--- START ---

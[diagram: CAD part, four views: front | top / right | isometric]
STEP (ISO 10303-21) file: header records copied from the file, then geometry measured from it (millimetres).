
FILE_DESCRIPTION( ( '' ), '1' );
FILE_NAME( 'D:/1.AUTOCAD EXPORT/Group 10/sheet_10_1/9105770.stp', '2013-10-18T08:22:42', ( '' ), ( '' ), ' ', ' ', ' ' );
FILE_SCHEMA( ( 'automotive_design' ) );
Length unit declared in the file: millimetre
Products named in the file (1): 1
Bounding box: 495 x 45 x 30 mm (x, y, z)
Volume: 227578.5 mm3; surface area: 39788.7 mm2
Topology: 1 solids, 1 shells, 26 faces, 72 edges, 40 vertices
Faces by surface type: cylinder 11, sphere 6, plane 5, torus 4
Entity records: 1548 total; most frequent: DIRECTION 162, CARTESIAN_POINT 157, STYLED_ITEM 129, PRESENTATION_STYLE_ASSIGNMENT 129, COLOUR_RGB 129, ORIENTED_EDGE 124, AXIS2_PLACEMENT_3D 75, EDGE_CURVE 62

--- END ---

## What is required
Set down each line of the material above again, exactly.

## Response to this exercise
[diagram: CAD part, four views: front | top / right | isometric]
STEP (ISO 10303-21) file: header records copied from the file, then geometry measured from it (millimetres).
FILE_DESCRIPTION( ( '' ), '1' );
FILE_NAME( 'D:/1.AUTOCAD EXPORT/Group 10/sheet_10_1/9105770.stp', '2013-10-18T08:22:42', ( '' ), ( '' ), ' ', ' ', ' ' );
FILE_SCHEMA( ( 'automotive_design' ) );
Length unit declared in the file: millimetre
Products named in the file (1): 1
Bounding box: 495 x 45 x 30 mm (x, y, z)
Volume: 227578.5 mm3; surface area: 39788.7 mm2
Topology: 1 solids, 1 shells, 26 faces, 72 edges, 40 vertices
Faces by surface type: cylinder 11, sphere 6, plane 5, torus 4
Entity records: 1548 total; most frequent: DIRECTION 162, CARTESIAN_POINT 157, STYLED_ITEM 129, PRESENTATION_STYLE_ASSIGNMENT 129, COLOUR_RGB 129, ORIENTED_EDGE 124, AXIS2_PLACEMENT_3D 75, EDGE_CURVE 62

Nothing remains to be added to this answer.